» **Work instructions**:
Print out the data that follows exactly, character for character, apart from the pictures.

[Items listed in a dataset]
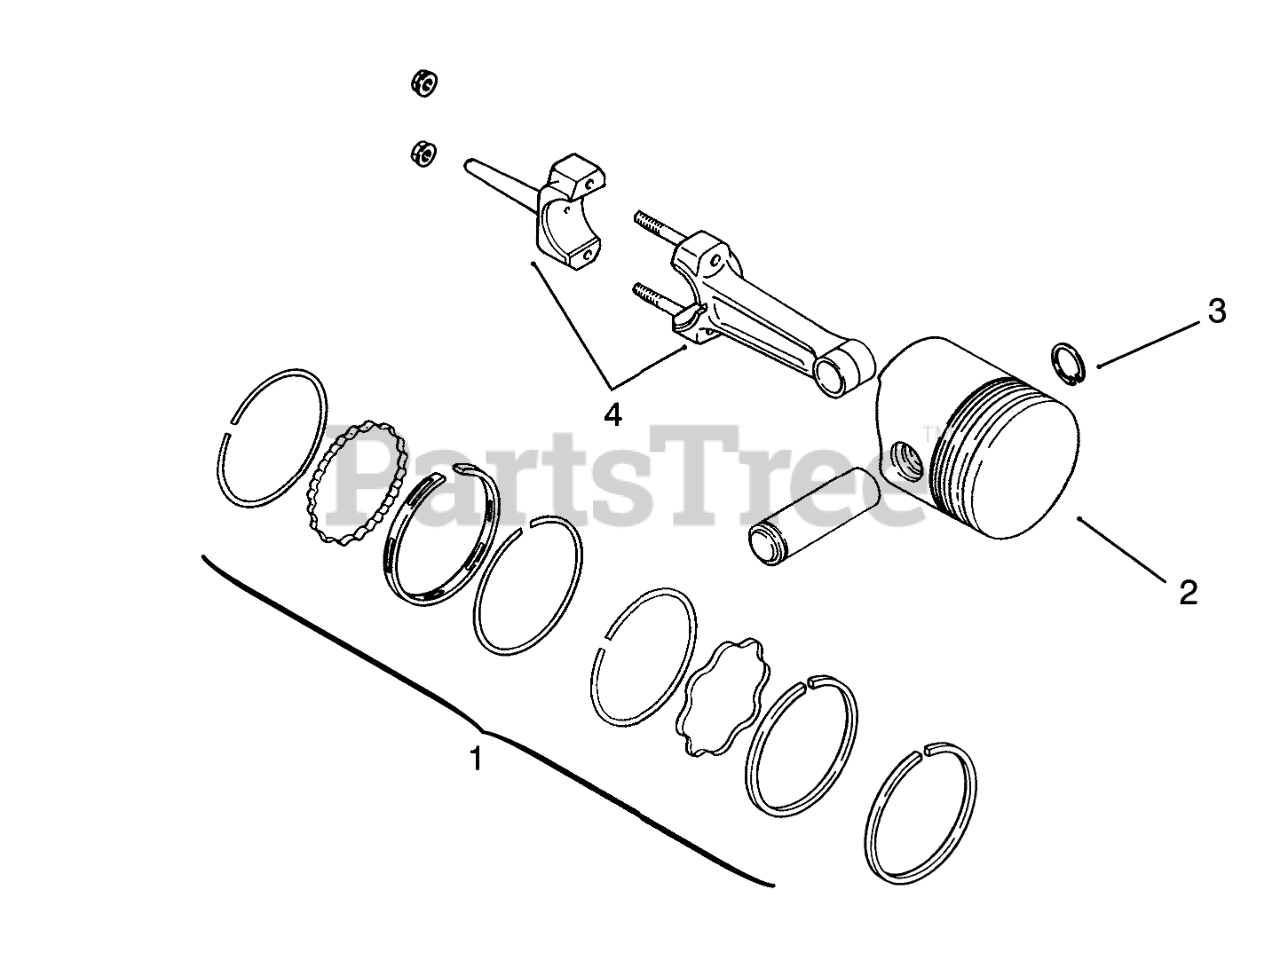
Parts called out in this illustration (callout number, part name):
1	Set-Ring, Std. & .003
2	Piston w/Ring Set Std
3	Piston Pin Retainer
4	Rod-Connecting Std.
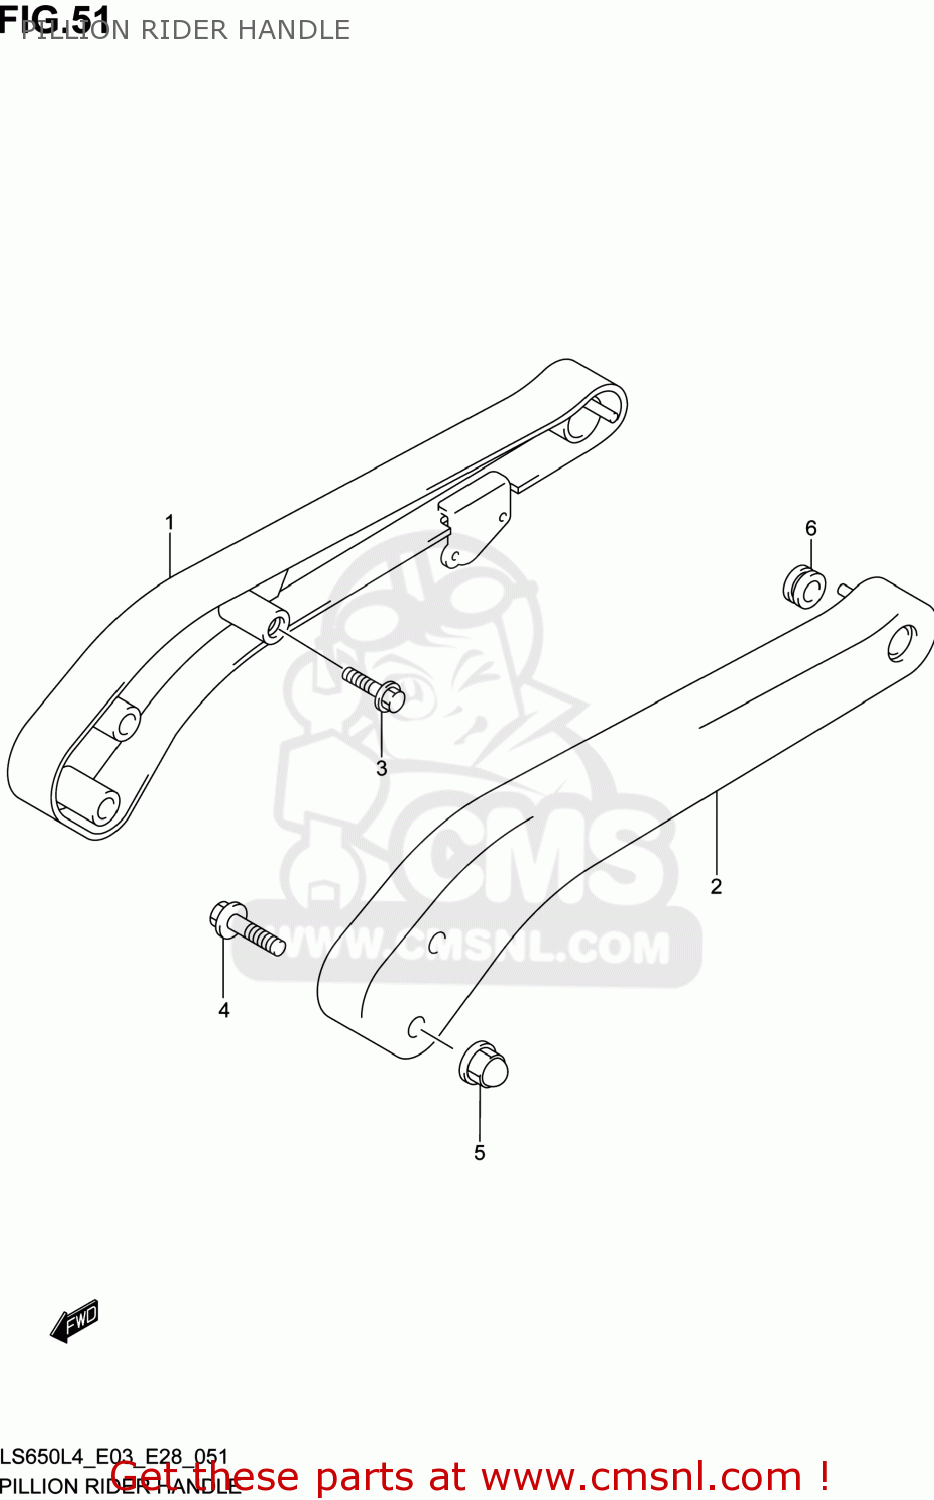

» **Response box**:
Parts called out in this illustration (callout number, part name):
1	Set-Ring, Std. & .003
2	Piston w/Ring Set Std
3	Piston Pin Retainer
4	Rod-Connecting Std.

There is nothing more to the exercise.